Seeking government experience, from 1986 to 1992 Matungulu was appointed to several advisory positions in various ministries:

- Special Advisor to the Vice Governor of the Central Bank of Congo
- Economic Advisor to the Ministry of Budget and Planning
- Senior Advisor to the Ministry of Transportation and Communications
- Senior Advisor to the Ministry of Foreign Trade
- Coordinator of the Advisory Branch to the Ministry of Budget
- Senior Advisor and coordinator of the council of economic and technical advisors to the Prime Minister
- Senior Advisor to the Ministry of Budget

=== Economist at the International Monetary Fund (IMF) ===
In July 1992, he joined the International Monetary Fund (IMF) in Washington, United States as an economist and in 1998 was appointed as the Resident Representative of the IMF in Cameroon, where he supervised the implementation of a program of economic reform initiated in 1996.

In 1994, he created the annual Prize Professor Matungulu to reward the best first-degree economics student from UNIKIN.

=== Ministerial service ===
In April 2001, he was appointed Minister of Economy, Finance and Budget of the Democratic Republic of the Congo (DRC). In February 2003, Freddy Matungulu resigned as Minister of Finance, lacking broad-based government support for his efforts to root out corruption.

=== Back to the IMF ===
In July 2003, he returned to the International Monetary Fund, where he performed the functions of Country Team Leader / Head of Mission for the design and monitoring of economic programs of various countries with financial and technical assistance agreements with the IMF.

As Head of Mission, Freddy Matungulu conducted, from 2003 to 2014, about thirty IMF visits to various IMF member countries.

=== Politics ===
In December 2014, Freddy Matungulu took an early retirement from the IMF, to regain his freedom of speech. He aims to contribute to the efforts to improve the economic and social situation of his home country, the Democratic Republic of Congo. During the same month, he published an article in the magazine Jeune Afrique entitled “ DRC : a society sick of its politicians and its elite ” to denounce the evils that plague the RDC.

In May 2015, Freddy Matungulu created a political party: "Congo Na Biso" ("Our Congo", CNB in acronym).

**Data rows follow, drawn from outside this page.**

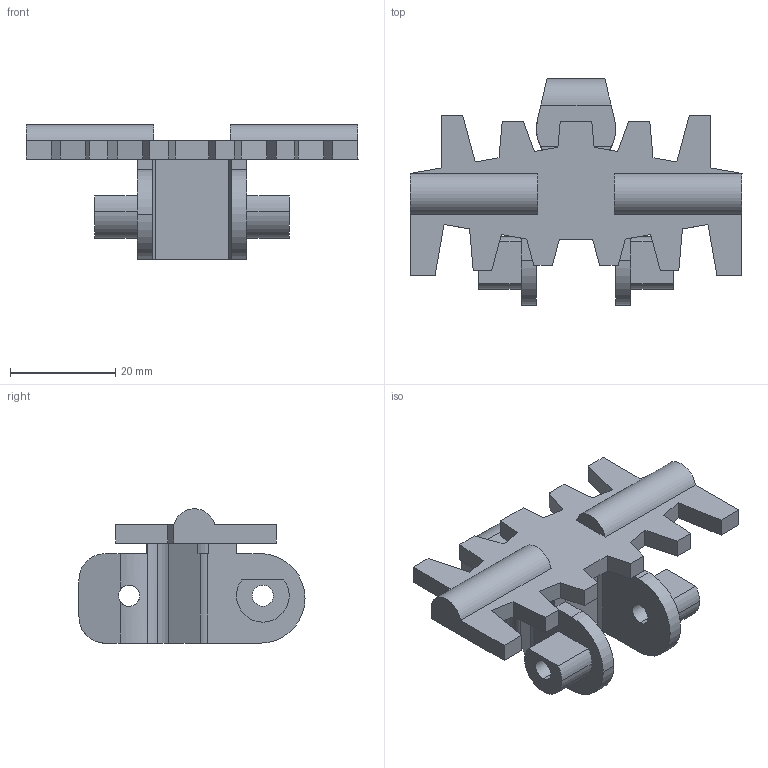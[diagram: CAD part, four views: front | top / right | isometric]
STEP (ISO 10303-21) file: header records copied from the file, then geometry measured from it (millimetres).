
FILE_DESCRIPTION (( 'STEP AP214' ), '1' );
FILE_NAME ('FSCT-5B.STEP', '2011-04-14T11:11:11', ( '.' ), ( '' ), 'SwSTEP 2.0', 'SolidWorks 2010', '' );
FILE_SCHEMA (( 'AUTOMOTIVE_DESIGN' ));
Length unit declared in the file: millimetre
Products named in the file (1): FSCT-5B
Bounding box: 63 x 42.9 x 25.5 mm (x, y, z)
Volume: 13857.2 mm3; surface area: 7805.1 mm2
Topology: 1 solids, 1 shells, 106 faces, 308 edges, 204 vertices
Faces by surface type: plane 76, cylinder 30
Entity records: 4599 total; most frequent: CARTESIAN_POINT 733, ORIENTED_EDGE 616, DIRECTION 562, EDGE_CURVE 308, LINE 240, VECTOR 240, VERTEX_POINT 204, AXIS2_PLACEMENT_3D 161
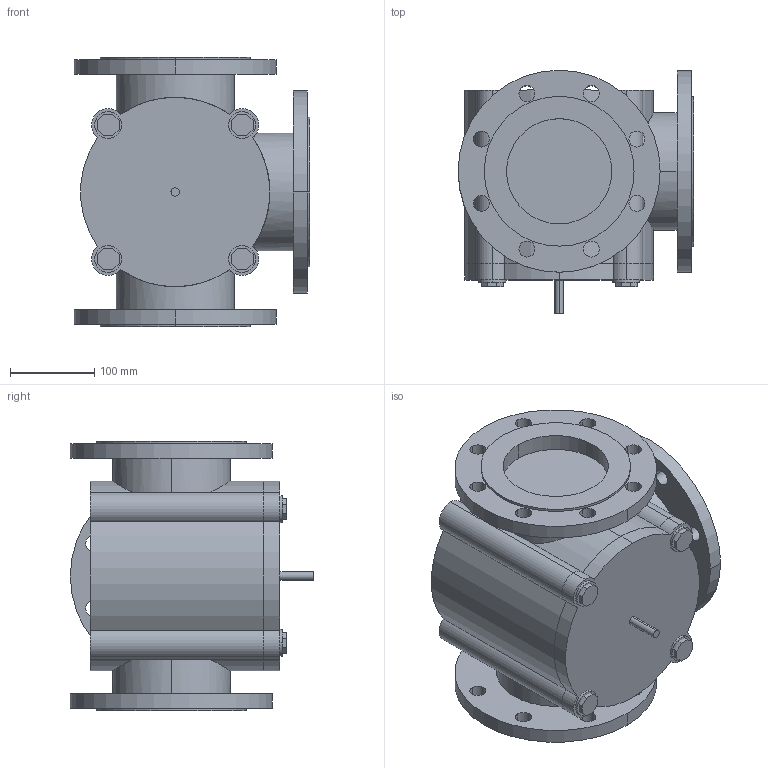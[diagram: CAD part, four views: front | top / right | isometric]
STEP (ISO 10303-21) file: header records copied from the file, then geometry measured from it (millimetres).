
FILE_DESCRIPTION((''),'2;1');
FILE_NAME('KL000055.dwg.stp','2006-10-04T11:31:41',(''),(''),'Mechanical Desktop 2006','Mechanical Desktop 2006',', , ');
FILE_SCHEMA(('AUTOMOTIVE_DESIGN { 1 2 10303 214 0 1 1 1 }'));
Length unit declared in the file: millimetre
Products named in the file (1): Product
Bounding box: 280 x 289 x 320 mm (x, y, z)
Volume: 12781629.8 mm3; surface area: 788903 mm2
Topology: 17 solids, 17 shells, 188 faces, 453 edges, 302 vertices
Faces by surface type: cylinder 111, plane 64, bspline 13
Entity records: 6400 total; most frequent: CARTESIAN_POINT 1713, DIRECTION 995, ORIENTED_EDGE 906, EDGE_CURVE 453, AXIS2_PLACEMENT_3D 390, VERTEX_POINT 302, EDGE_LOOP 245, VECTOR 215
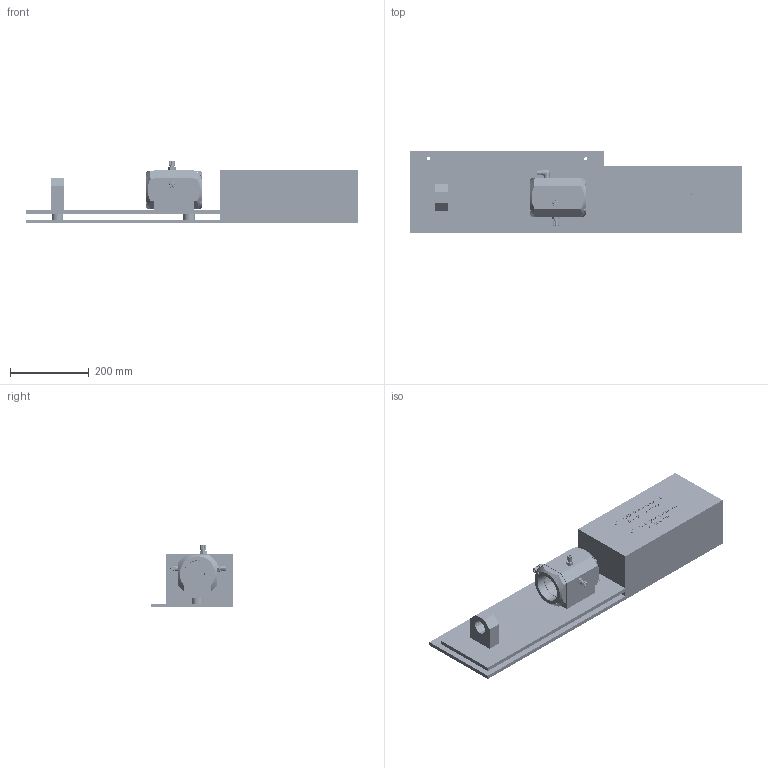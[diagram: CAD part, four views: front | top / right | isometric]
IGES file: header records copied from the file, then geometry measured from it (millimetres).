
Start section: SolidWorks IGES file using analytic representation for surfaces
Global section: file name: C:\Users\aloerke\Desktop\Arbeits-Ordner\Volker\LZX868_TD_00000__001.IGS; native system: SolidWorks 2022; preprocessor: SolidWorks 2022; author: aloerke; date: 230428.085806; units: millimetre
Bounding box: 845 x 210 x 160 mm (x, y, z)
Surface area: 859059.5 mm2 (no closed solid volume)
Topology: 0 solids, 0 shells, 3720 faces, 53668 edges, 53625 vertices
Faces by surface type: bspline 3198, revolution 522
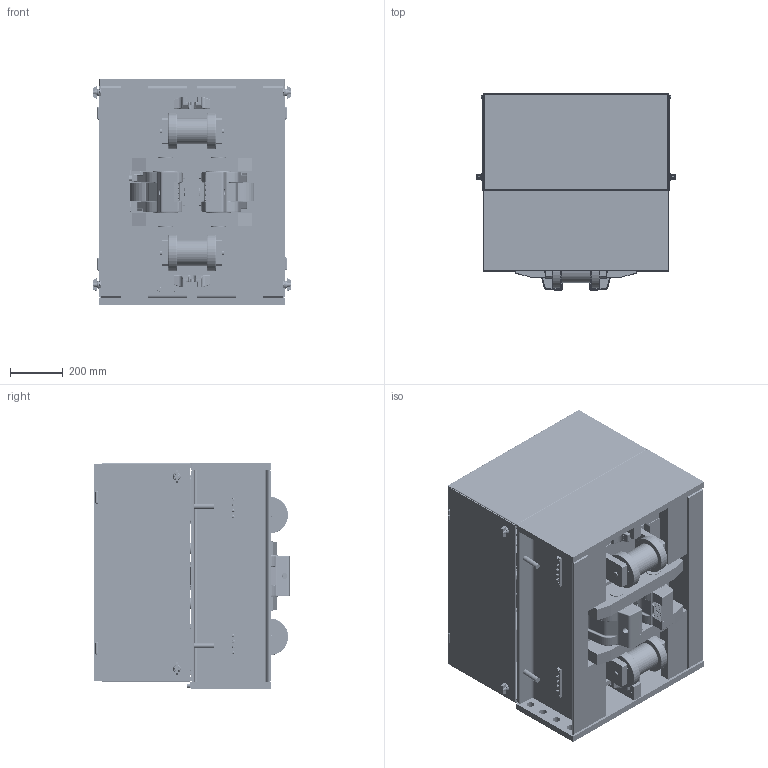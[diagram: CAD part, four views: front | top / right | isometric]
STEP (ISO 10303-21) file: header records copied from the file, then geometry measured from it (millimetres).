
FILE_DESCRIPTION(/* description */ (''),/* implementation_level */ '2;1');
FILE_NAME(/* name */ 'C:\Vault_Workspace\HILLMAR\HILLMAR PRODUCTION\02 STORM BRAKES\0100-2\01002082 CXHV-LH-150-250-LE\SM3D-CXHV-LH-150-250\41150.stp',/* time_stamp */ '2016-10-24T10:54:36+02:00',/* author */ ('vlakrc01'),/* organization */ (''),/* preprocessor_version */ 'ST-DEVELOPER v16.1',/* originating_system */ 'Autodesk Inventor 2016',/* authorisation */ '');
FILE_SCHEMA (('AUTOMOTIVE_DESIGN { 1 0 10303 214 3 1 1 }'));
Products named in the file (1): 41150
Bounding box: 754.58 x 749.53 x 860 mm (x, y, z)
Volume: 83199216 mm3; surface area: 11203766.2 mm2
Topology: 12 solids, 16 shells, 6580 faces, 17395 edges, 10891 vertices
Faces by surface type: plane 3325, cylinder 1599, bspline 891, cone 338, torus 233, sphere 194
Full cylindrical faces by diameter (mm): 2.388 x1, 3 x3, 4.039 x1, 5.5 x4, 5.6 x2, 6.6 x2, 9.246 x4, 9.8 x4, 10 x8, 10.109 x2, 11.113 x4, 12 x8, 15 x1, 15.6 x2, 16 x2, 16.6 x4, 17.26 x2, 18 x16, 20 x8, 21.032 x4, 22.4 x2, 25 x4, 29 x8, 30 x4, 42.5 x4, 45 x12, 50.8 x1, 55.562 x4, 63.5 x1, 90 x4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
Entity records: 232327 total; most frequent: CARTESIAN_POINT 70566, ORIENTED_EDGE 33660, DIRECTION 30642, EDGE_CURVE 16832, VERTEX_POINT 10725, AXIS2_PLACEMENT_3D 10468, LINE 9706, VECTOR 9706
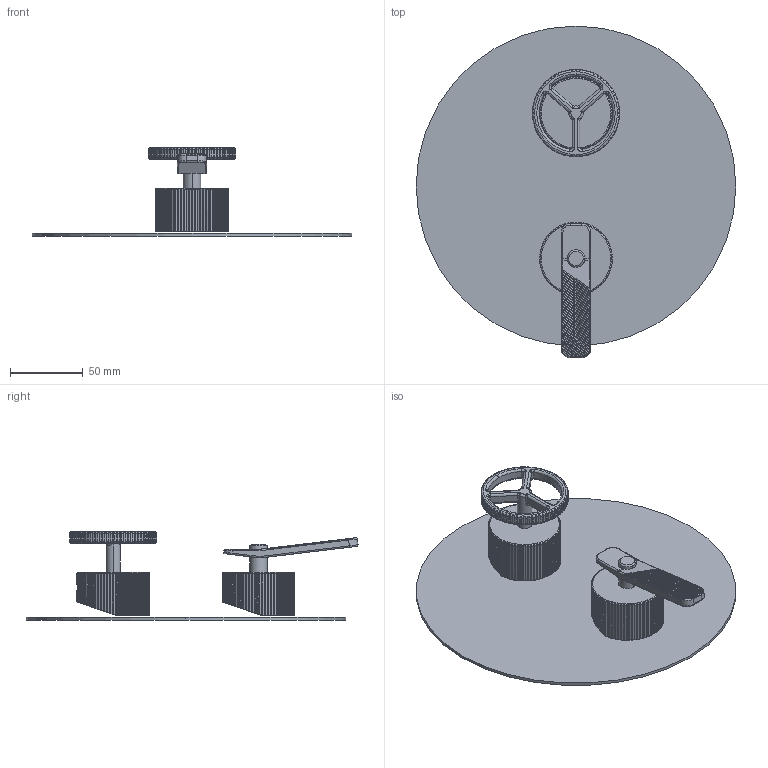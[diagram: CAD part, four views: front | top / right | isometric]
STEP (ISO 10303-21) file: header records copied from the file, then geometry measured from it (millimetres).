
FILE_DESCRIPTION (( 'STEP AP203' ), '1' );
FILE_NAME ('792261 x architetti.STEP', '2023-09-19T06:11:51', ( '' ), ( '' ), 'SwSTEP 2.0', 'SolidWorks 2020', '' );
FILE_SCHEMA (( 'CONFIG_CONTROL_DESIGN' ));
Length unit declared in the file: millimetre
Products named in the file (1): 792261 x architetti
Bounding box: 220 x 228.41 x 61 mm (x, y, z)
Volume: 190838.2 mm3; surface area: 120011.1 mm2
Topology: 3 solids, 3 shells, 1098 faces, 2906 edges, 1807 vertices
Faces by surface type: cylinder 827, bspline 206, plane 59, cone 6
Entity records: 61200 total; most frequent: CARTESIAN_POINT 36212, ORIENTED_EDGE 5796, DIRECTION 4676, EDGE_CURVE 2898, AXIS2_PLACEMENT_3D 1856, VERTEX_POINT 1807, EDGE_LOOP 1109, ADVANCED_FACE 1098

The party headquarters is located in Kinshasa.

On August 8, 2018, Freddy Matungulu registered with the Independent National Electoral Commission (CENI) as a candidate for the December 2018 presidential election in the Democratic Republic of the Congo. As part of the efforts to establish a single opposition candidacy, Freddy Matungulu took part in the Conclave of the Opposition which led to the creation in Geneva (Switzerland), on November 11, 2018, of the opposition LAMUKA COALITION of which he is a co-founder. The work of the Conclave benefited from the facilitation/technical support of the Kofi Annan Foundation. The other participants, co-founders of the LAMUKA Coalition, are Jean-Pierre Bemba, Martin Fayulu, Vital Kamerhe, Katumbi Chapwe, Adolphe Muzito and Félix Tshisekedi.

On August 1, 2019, Freddy Matungulu was elected to the board of directors of the African Development Bank (AfDB) in Abidjan, Cote d'Ivoire. Over the next three years, he was the Board member representing the six countries of the Central Africa Group, namely: Burundi, Cameroon, Congo-Brazzaville, the Central African Republic, the Democratic Republic of the Congo (DRC), and Chad. Matungulu's term at the AfDB's Board ended on July 31, 2022.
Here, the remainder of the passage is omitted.